エネルギー関連業界で30年以上働いてきたぱっとしないオヤジ。専門は経理、財務。実務経験は長く、会計、税務に関しては専門家と自負。2012年からマレーシアのクアラルンプールに単身赴任。趣味は映画鑑賞、ジャズ、ボサノバ鑑賞、読書。最近は浅田次郎の大ファン、SF小説も

マレーシアでの単身駐在期間が長くはなってきたが、それでもこの国のことをあまり知らない私があれこれ書くのは気が引けるが、旅行記第5弾を書くことをお許しいただければと思う。今回紹介させていただく場所は、首都クアラルンプールからはちょっと遠いが、マレーシア半島にある高原リゾート、キャメロン・ハイランドである。私がこちらでの駐在を始めてから、是非一度訪問してみたいと思い続けていた場所である。

◆避暑地としての歴史

まずキャメロン・ハイランドの歴史などについて述べるが、場所としてはクアラルンプールの北、約200キロのバハン州にあり、ちょうど半島部の中央に位置していると言える。標高1300~1500mと高いので、年間を通じて気温が20度前後ととても涼しい。普段クアラルンプールに住んでいる私にとっては、とにかく高原の風が吹いていることにいたく感動したのであった。

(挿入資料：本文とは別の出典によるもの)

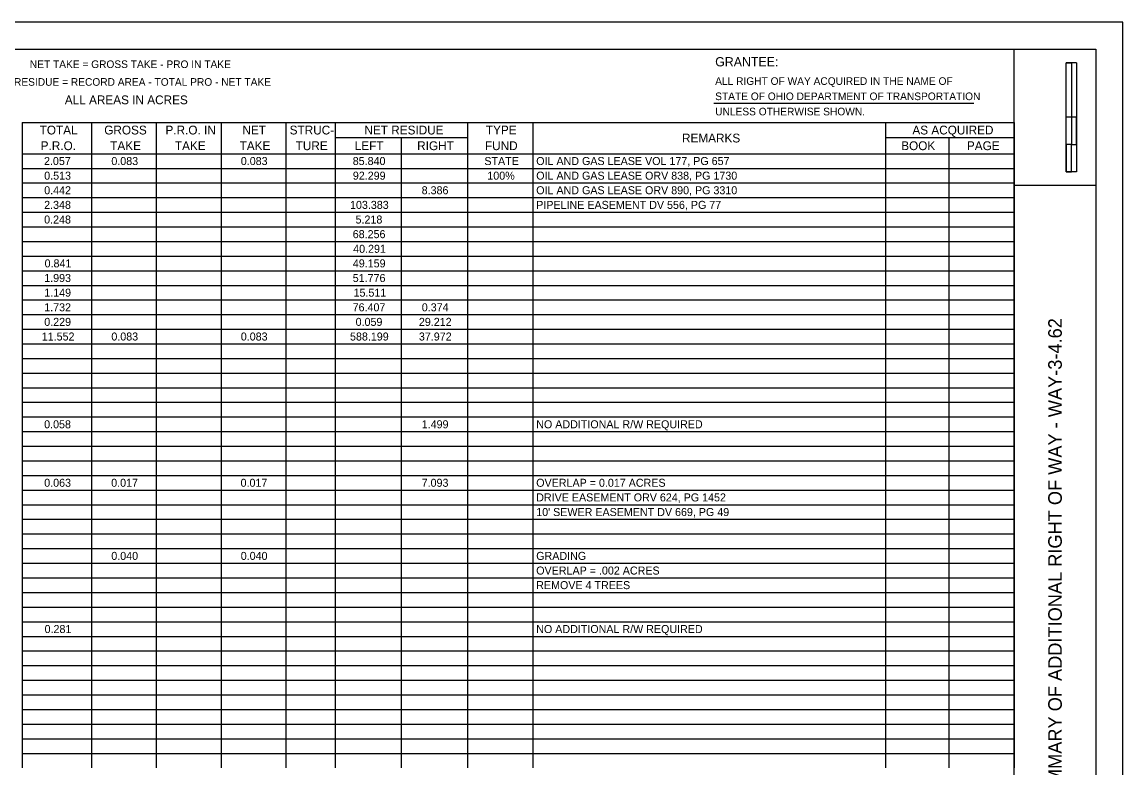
# Model space of a CAD drawing. Extents: x 0 to 34, y 0 to 22.
# Drawn here: x 13.75 to 34, y 8.29 to 22 of the extents above; entities that cross this region are included whole.
import ezdxf

# ---------------------------------------------------------------- set-up
doc = ezdxf.new("R2010")
doc.units = 0
for name, color, linetype in [('Default', 7, 'Continuous'), ('SH_Border', 7, 'Continuous'), ('SH_Cut_Line', 7, 'Continuous'), ('SH_Data', 7, 'Continuous'), ('SH_Text', 7, 'Continuous')]:
    doc.layers.add(name, color=color, linetype=linetype)

msp = doc.modelspace()

# ---------------------------------------------------------------- linework, layer by layer
at = {"layer": 'Default'}
for p, q in [((13.749, 20.156), (16.219, 20.156)), ((13.749, 20.156), (13.749, 15.817)), ((15.029, 20.156), (15.029, 15.817)), ((16.219, 20.156), (30.797, 20.156)), ((16.219, 20.156), (16.219, 15.817)), ((17.409, 20.156), (17.409, 15.817)), ((18.599, 20.156), (18.599, 15.817)), ((19.508, 20.156), (19.508, 15.817)), ((21.94, 20.156), (21.94, 15.817)), ((23.143, 20.156), (23.143, 15.817)), ((29.632, 20.156), (29.632, 15.817)), ((30.797, 20.156), (32, 20.156)), ((32, 20.156), (32, 15.817)), ((19.508, 19.875), (21.94, 19.875)), ((20.724, 19.875), (20.724, 15.817)), ((29.632, 19.875), (30.797, 19.875)), ((30.797, 19.875), (32, 19.875)), ((30.797, 19.875), (30.797, 15.817)), ((13.749, 19.58), (16.219, 19.58)), ((16.219, 19.58), (30.797, 19.58)), ((30.797, 19.58), (32, 19.58)), ((13.749, 19.311), (16.219, 19.311)), ((16.219, 19.311), (30.797, 19.311)), ((30.797, 19.311), (32, 19.311)), ((13.749, 19.043), (16.219, 19.043)), ((16.219, 19.043), (30.797, 19.043)), ((30.797, 19.043), (32, 19.043)), ((13.749, 18.774), (16.219, 18.774)), ((16.219, 18.774), (30.797, 18.774)), ((30.797, 18.774), (32, 18.774)), ((13.749, 18.505), (16.219, 18.505)), ((16.219, 18.505), (30.797, 18.505)), ((30.797, 18.505), (32, 18.505)), ((13.749, 18.236), (16.219, 18.236)), ((16.219, 18.236), (30.797, 18.236)), ((30.797, 18.236), (32, 18.236)), ((13.749, 17.967), (16.219, 17.967)), ((16.219, 17.967), (30.797, 17.967)), ((30.797, 17.967), (32, 17.967)), ((13.749, 17.699), (16.219, 17.699)), ((16.219, 17.699), (30.797, 17.699)), ((30.797, 17.699), (32, 17.699)), ((13.749, 17.43), (16.219, 17.43)), ((16.219, 17.43), (30.797, 17.43)), ((30.797, 17.43), (32, 17.43)), ((13.749, 17.161), (16.219, 17.161)), ((16.219, 17.161), (30.797, 17.161)), ((30.797, 17.161), (32, 17.161)), ((13.749, 16.892), (16.219, 16.892)), ((16.219, 16.892), (30.797, 16.892)), ((30.797, 16.892), (32, 16.892)), ((13.749, 16.624), (16.219, 16.624)), ((16.219, 16.624), (30.797, 16.624)), ((30.797, 16.624), (32, 16.624)), ((13.749, 16.355), (16.219, 16.355)), ((16.219, 16.355), (21.94, 16.355)), ((21.94, 16.355), (30.797, 16.355)), ((30.797, 16.355), (32, 16.355)), ((13.749, 16.086), (16.219, 16.086)), ((16.219, 16.086), (30.797, 16.086)), ((30.797, 16.086), (32, 16.086)), ((13.749, 15.817), (16.219, 15.817)), ((13.749, 15.817), (13.749, 15.548)), ((15.029, 15.817), (15.029, 15.548)), ((16.219, 15.817), (30.797, 15.817)), ((16.219, 15.817), (16.219, 15.548)), ((17.409, 15.817), (17.409, 15.548)), ((18.599, 15.817), (18.599, 15.548)), ((19.508, 15.817), (19.508, 15.548)), ((20.724, 15.817), (20.724, 15.548)), ((21.94, 15.817), (21.94, 15.548)), ((23.143, 15.817), (23.143, 15.548)), ((29.632, 15.817), (29.632, 15.548)), ((30.797, 15.817), (32, 15.817)), ((30.797, 15.817), (30.797, 15.548)), ((32, 15.817), (32, 15.548)), ((13.749, 15.548), (16.219, 15.548)), ((13.749, 15.548), (13.749, 15.28)), ((15.029, 15.548), (15.029, 15.28)), ((16.219, 15.548), (30.797, 15.548)), ((16.219, 15.548), (16.219, 15.28)), ((17.409, 15.548), (17.409, 15.28)), ((18.599, 15.548), (18.599, 15.28)), ((19.508, 15.548), (19.508, 15.28)), ((20.724, 15.548), (20.724, 15.28)), ((21.94, 15.548), (21.94, 15.28)), ((23.143, 15.548), (23.143, 15.28)), ((29.632, 15.548), (29.632, 15.28)), ((30.797, 15.548), (32, 15.548)), ((30.797, 15.548), (30.797, 15.28)), ((32, 15.548), (32, 15.28)), ((13.749, 15.28), (16.219, 15.28)), ((13.749, 15.28), (13.749, 15.011)), ((15.029, 15.28), (15.029, 15.011)), ((16.219, 15.28), (30.797, 15.28)), ((16.219, 15.28), (16.219, 15.011)), ((17.409, 15.28), (17.409, 15.011)), ((18.599, 15.28), (18.599, 15.011)), ((19.508, 15.28), (19.508, 15.011)), ((20.724, 15.28), (20.724, 15.011)), ((21.94, 15.28), (21.94, 15.011)), ((23.143, 15.28), (23.143, 15.011)), ((29.632, 15.28), (29.632, 15.011)), ((30.797, 15.28), (32, 15.28)), ((30.797, 15.28), (30.797, 15.011)), ((32, 15.28), (32, 15.011)), ((13.749, 15.011), (16.219, 15.011)), ((13.749, 15.011), (13.749, 14.473)), ((15.029, 15.011), (15.029, 14.473)), ((16.219, 15.011), (30.797, 15.011)), ((16.219, 15.011), (16.219, 14.473)), ((17.409, 15.011), (17.409, 14.473)), ((18.599, 15.011), (18.599, 14.473)), ((19.508, 15.011), (19.508, 14.473)), ((20.724, 15.011), (20.724, 14.473)), ((21.94, 15.011), (21.94, 14.473)), ((23.143, 15.011), (23.143, 14.473)), ((29.632, 15.011), (29.632, 14.473)), ((30.797, 15.011), (32, 15.011)), ((30.797, 15.011), (30.797, 14.473)), ((32, 15.011), (32, 14.473)), ((13.749, 14.742), (16.219, 14.742)), ((16.219, 14.742), (30.797, 14.742)), ((30.797, 14.742), (32, 14.742)), ((13.749, 14.473), (16.219, 14.473)), ((13.749, 14.473), (13.749, 14.205)), ((15.029, 14.473), (15.029, 14.205)), ((16.219, 14.473), (30.797, 14.473)), ((16.219, 14.473), (16.219, 14.205)), ((17.409, 14.473), (17.409, 14.205)), ((18.599, 14.473), (18.599, 14.205)), ((19.508, 14.473), (19.508, 14.205)), ((20.724, 14.473), (20.724, 14.205)), ((21.94, 14.473), (21.94, 14.205)), ((23.143, 14.473), (23.143, 14.205)), ((29.632, 14.473), (29.632, 14.205)), ((30.797, 14.473), (32, 14.473)), ((30.797, 14.473), (30.797, 14.205)), ((32, 14.473), (32, 14.205)), ((13.749, 14.205), (16.219, 14.205)), ((13.749, 14.205), (13.749, 9.635)), ((15.029, 14.205), (15.029, 9.635)), ((16.219, 14.205), (30.797, 14.205)), ((16.219, 14.205), (16.219, 9.635)), ((17.409, 14.205), (17.409, 9.635)), ((18.599, 14.205), (18.599, 9.635)), ((19.508, 14.205), (19.508, 9.635)), ((20.724, 14.205), (20.724, 9.635)), ((21.94, 14.205), (21.94, 9.635)), ((23.143, 14.205), (23.143, 9.635)), ((29.632, 14.205), (29.632, 9.635)), ((30.797, 14.205), (32, 14.205)), ((30.797, 14.205), (30.797, 9.635)), ((32, 14.205), (32, 9.635)), ((13.749, 13.936), (16.219, 13.936)), ((16.219, 13.936), (30.797, 13.936)), ((30.797, 13.936), (32, 13.936)), ((13.749, 13.667), (16.219, 13.667)), ((16.219, 13.667), (30.797, 13.667)), ((30.797, 13.667), (32, 13.667)), ((13.749, 13.398), (16.219, 13.398)), ((16.219, 13.398), (30.797, 13.398)), ((30.797, 13.398), (32, 13.398)), ((13.749, 13.129), (16.219, 13.129)), ((16.219, 13.129), (30.797, 13.129)), ((30.797, 13.129), (32, 13.129)), ((13.749, 12.861), (16.219, 12.861)), ((16.219, 12.861), (30.797, 12.861)), ((30.797, 12.861), (32, 12.861)), ((13.749, 12.592), (16.219, 12.592)), ((16.219, 12.592), (30.797, 12.592)), ((30.797, 12.592), (32, 12.592)), ((13.749, 12.323), (16.219, 12.323)), ((16.219, 12.323), (30.797, 12.323)), ((30.797, 12.323), (32, 12.323)), ((13.749, 12.054), (16.219, 12.054)), ((16.219, 12.054), (30.797, 12.054)), ((30.797, 12.054), (32, 12.054)), ((13.749, 11.786), (16.219, 11.786)), ((16.219, 11.786), (30.797, 11.786)), ((30.797, 11.786), (32, 11.786)), ((13.749, 11.517), (16.219, 11.517)), ((16.219, 11.517), (30.797, 11.517)), ((30.797, 11.517), (32, 11.517)), ((13.749, 11.248), (16.219, 11.248)), ((16.219, 11.248), (30.797, 11.248)), ((30.797, 11.248), (32, 11.248)), ((13.749, 10.979), (16.219, 10.979)), ((16.219, 10.979), (30.797, 10.979)), ((30.797, 10.979), (32, 10.979)), ((13.749, 10.71), (16.219, 10.71)), ((16.219, 10.71), (30.797, 10.71)), ((30.797, 10.71), (32, 10.71)), ((13.749, 10.442), (16.219, 10.442)), ((16.219, 10.442), (30.797, 10.442)), ((30.797, 10.442), (32, 10.442)), ((13.749, 10.173), (16.219, 10.173)), ((16.219, 10.173), (30.797, 10.173)), ((30.797, 10.173), (32, 10.173)), ((13.749, 9.904), (16.219, 9.904)), ((16.219, 9.904), (30.797, 9.904)), ((30.797, 9.904), (32, 9.904)), ((13.749, 9.635), (16.219, 9.635)), ((13.749, 9.635), (13.749, 9.367)), ((15.029, 9.635), (15.029, 9.367)), ((16.219, 9.635), (30.797, 9.635)), ((16.219, 9.635), (16.219, 9.367)), ((17.409, 9.635), (17.409, 9.367)), ((18.599, 9.635), (18.599, 9.367)), ((19.508, 9.635), (19.508, 9.367)), ((20.724, 9.635), (20.724, 9.367)), ((21.94, 9.635), (21.94, 9.367)), ((23.143, 9.635), (23.143, 9.367)), ((29.632, 9.635), (29.632, 9.367)), ((30.797, 9.635), (32, 9.635)), ((30.797, 9.635), (30.797, 9.367)), ((32, 9.635), (32, 9.367)), ((13.749, 9.367), (16.219, 9.367)), ((13.749, 9.367), (13.749, 9.098)), ((15.029, 9.367), (15.029, 9.098)), ((16.219, 9.367), (30.797, 9.367)), ((16.219, 9.367), (16.219, 9.098)), ((17.409, 9.367), (17.409, 9.098)), ((18.599, 9.367), (18.599, 9.098)), ((19.508, 9.367), (19.508, 9.098)), ((20.724, 9.367), (20.724, 9.098)), ((21.94, 9.367), (21.94, 9.098)), ((23.143, 9.367), (23.143, 9.098)), ((29.632, 9.367), (29.632, 9.098)), ((30.797, 9.367), (32, 9.367)), ((30.797, 9.367), (30.797, 9.098)), ((32, 9.367), (32, 9.098)), ((13.749, 9.098), (16.219, 9.098)), ((13.749, 9.098), (13.749, 8.291)), ((15.029, 9.098), (15.029, 8.291)), ((16.219, 9.098), (30.797, 9.098)), ((16.219, 9.098), (16.219, 8.291)), ((17.409, 9.098), (17.409, 8.291)), ((18.599, 9.098), (18.599, 8.291)), ((19.508, 9.098), (19.508, 8.291)), ((20.724, 9.098), (20.724, 8.291)), ((21.94, 9.098), (21.94, 8.291)), ((23.143, 9.098), (23.143, 8.291)), ((29.632, 9.098), (29.632, 8.291)), ((30.797, 9.098), (32, 9.098)), ((30.797, 9.098), (30.797, 8.291)), ((32, 9.098), (32, 8.291)), ((13.749, 8.829), (16.219, 8.829)), ((16.219, 8.829), (30.797, 8.829)), ((30.797, 8.829), (32, 8.829)), ((13.749, 8.56), (16.219, 8.56)), ((16.219, 8.56), (30.797, 8.56)), ((30.797, 8.56), (32, 8.56))]:
    msp.add_line(p, q, dxfattribs=at)
at = {"layer": 'SH_Border'}
for p, q in [((32, 0.5), (32, 21.5)), ((32, 19), (33.5, 19))]:
    msp.add_line(p, q, dxfattribs=at)
msp.add_lwpolyline([(1.5, 21.5), (33.5, 21.5), (33.5, 0.5), (1.5, 0.5)], close=True, dxfattribs=at)
at = {"layer": 'SH_Cut_Line'}
msp.add_lwpolyline([(0, 0), (34, 0), (34, 22), (0, 22)], close=True, dxfattribs=at)
at = {"layer": 'SH_Data'}
for p, q in [((32.957, 19.25), (32.957, 21.25)), ((33.144, 21.25), (32.957, 21.25)), ((32.957, 20.25), (32.957, 21.25)), ((32.957, 21.25), (33.05, 21.25)), ((33.05, 21.25), (33.051, 21.25)), ((33.051, 21.25), (33.051, 20.25)), ((33.144, 21.25), (33.144, 19.25)), ((33.051, 20.25), (32.957, 20.25)), ((33.143, 20.25), (33.05, 20.25)), ((33.05, 20.25), (33.05, 19.75)), ((33.143, 19.75), (33.143, 20.25)), ((33.05, 19.75), (32.957, 19.75)), ((32.957, 19.75), (32.957, 19.25)), ((33.05, 19.75), (33.143, 19.75)), ((33.05, 19.25), (33.05, 19.75)), ((33.144, 19.25), (32.957, 19.25)), ((32.957, 19.25), (33.05, 19.25))]:
    msp.add_line(p, q, dxfattribs=at)
at = {"layer": 'SH_Text'}
msp.add_line((26.477, 20.508), (31.257, 20.508), dxfattribs=at)

# ---------------------------------------------------------------- texts
at = {"layer": 'Default'}
for s, height, p in [('ALL AREAS IN ACRES', 0.16191, (14.536, 20.489)), ('TOTAL', 0.1619, (14.073, 19.934)), ('GROSS', 0.1619, (15.261, 19.934)), ('P.R.O. IN', 0.1619, (16.387, 19.934)), ('NET', 0.1619, (17.803, 19.934)), ('STRUC-', 0.1619, (18.672, 19.934)), ('NET RESIDUE', 0.16191, (20.047, 19.934)), ('TYPE', 0.1619, (22.281, 19.934)), ('AS ACQUIRED', 0.16191, (30.126, 19.934)), ('REMARKS', 0.1619, (25.889, 19.787)), ('P.R.O.', 0.1619, (14.092, 19.646)), ('TAKE', 0.1619, (15.371, 19.646)), ('TAKE', 0.1619, (16.561, 19.646)), ('TAKE', 0.1619, (17.751, 19.646)), ('TURE', 0.1619, (18.782, 19.646)), ('LEFT', 0.1619, (19.869, 19.646)), ('RIGHT', 0.1619, (21.017, 19.646)), ('FUND', 0.1619, (22.264, 19.646)), ('BOOK', 0.1619, (29.921, 19.646)), ('PAGE', 0.1619, (31.129, 19.646)), ('2.057', 0.1472, (14.153, 19.372)), ('0.083', 0.1472, (15.392, 19.372)), ('0.083', 0.1472, (17.773, 19.372)), ('85.840', 0.1472, (19.832, 19.372)), ('STATE', 0.1472, (22.253, 19.372)), ('OIL AND GAS LEASE VOL 177, PG 657', 0.14719, (23.207, 19.372)), ('0.513', 0.1472, (14.157, 19.103)), ('92.299', 0.1472, (19.834, 19.103)), ('100%', 0.1472, (22.308, 19.103)), ('OIL AND GAS LEASE ORV 838, PG 1730', 0.14719, (23.207, 19.103)), ('0.442', 0.1472, (14.157, 18.835)), ('8.386', 0.1472, (21.1, 18.835)), ('OIL AND GAS LEASE ORV 890, PG 3310', 0.14719, (23.207, 18.835)), ('2.348', 0.1472, (14.156, 18.566)), ('103.383', 0.1472, (19.782, 18.566)), ('PIPELINE EASEMENT DV 556, PG 77', 0.14719, (23.207, 18.566)), ('0.248', 0.1472, (14.156, 18.297)), ('5.218', 0.1472, (19.884, 18.297)), ('68.256', 0.1472, (19.832, 18.028)), ('40.291', 0.1472, (19.84, 17.759)), ('0.841', 0.1472, (14.164, 17.491)), ('49.159', 0.1472, (19.834, 17.491)), ('1.993', 0.1472, (14.157, 17.222)), ('51.776', 0.1472, (19.832, 17.222)), ('1.149', 0.1472, (14.158, 16.953)), ('15.511', 0.1472, (19.847, 16.953)), ('1.732', 0.1472, (14.157, 16.684)), ('76.407', 0.1472, (19.83, 16.684)), ('0.374', 0.1472, (21.102, 16.684)), ('0.229', 0.1472, (14.158, 16.416)), ('0.059', 0.1472, (19.885, 16.416)), ('29.212', 0.1472, (21.049, 16.416)), ('11.552', 0.1472, (14.112, 16.147)), ('0.083', 0.1472, (15.392, 16.147)), ('0.083', 0.1472, (17.773, 16.147)), ('588.199', 0.1472, (19.782, 16.147)), ('37.972', 0.1472, (21.049, 16.147)), ('0.058', 0.1472, (14.156, 14.534)), ('1.499', 0.1472, (21.101, 14.534)), ('NO ADDITIONAL R/W REQUIRED', 0.14719, (23.207, 14.534)), ('0.063', 0.1472, (14.157, 13.459)), ('0.017', 0.1472, (15.389, 13.459)), ('0.017', 0.1472, (17.769, 13.459)), ('7.093', 0.1472, (21.1, 13.459)), ('OVERLAP = 0.017 ACRES', 0.14719, (23.207, 13.459)), ('DRIVE EASEMENT ORV 624, PG 1452', 0.14719, (23.207, 13.19)), ("10' SEWER EASEMENT DV 669, PG 49", 0.14719, (23.207, 12.921)), ('0.040', 0.1472, (15.391, 12.115)), ('0.040', 0.1472, (17.772, 12.115)), ('GRADING', 0.1472, (23.207, 12.115)), ('OVERLAP = .002 ACRES', 0.14719, (23.207, 11.846)), ('REMOVE 4 TREES', 0.14719, (23.207, 11.578)), ('0.281', 0.1472, (14.164, 10.771)), ('NO ADDITIONAL R/W REQUIRED', 0.14719, (23.207, 10.771))]:
    msp.add_text(s, height=height, dxfattribs=at).set_placement(p)
at = {"layer": 'SH_Data'}
msp.add_text('SUMMARY OF ADDITIONAL RIGHT OF WAY - WAY-3-4.62', height=0.25, rotation=90, dxfattribs=at).set_placement((32.875, 7.531))
at = {"layer": 'SH_Text'}
for s, height, p in [('NET TAKE = GROSS TAKE - PRO IN TAKE', 0.14, (13.892, 21.155)), ('GRANTEE:', 0.17, (26.499, 21.185)), ('NET RESIDUE = RECORD AREA - TOTAL PRO - NET TAKE', 0.14, (13.175, 20.829)), ('ALL RIGHT OF WAY ACQUIRED IN THE NAME OF', 0.14, (26.499, 20.845)), ('STATE OF OHIO DEPARTMENT OF TRANSPORTATION     ', 0.14, (26.499, 20.565)), ('UNLESS OTHERWISE SHOWN.', 0.14, (26.499, 20.285))]:
    msp.add_text(s, height=height, dxfattribs=at).set_placement(p)

doc.saveas('drawing.dxf')

この地の名前の由来は、英国統治時代の国土調査官のウィリアム・キャメロンが1885年に初めてこの地を訪れ、その後、彼によって開発が進められたので、彼の名前を取ってキャメロン・ハイランドと命名されたそうである。今回初めて訪れてみて、その涼しさや美しい高原の風景を見て、次回はもう少し長く滞在して、ゴルフなどもやってみたいと思ったのであった。

そんな気持ちになった場所は、このマレーシアに来てからはこのキャメロン・ハイランドが初めてである。その理由が気温の冷涼さにあることは明らかであるが、とにかくマレーシアの軽井沢、と言うか東南アジアの軽井沢と呼んでもいいのではないかと勝手に思った次第である。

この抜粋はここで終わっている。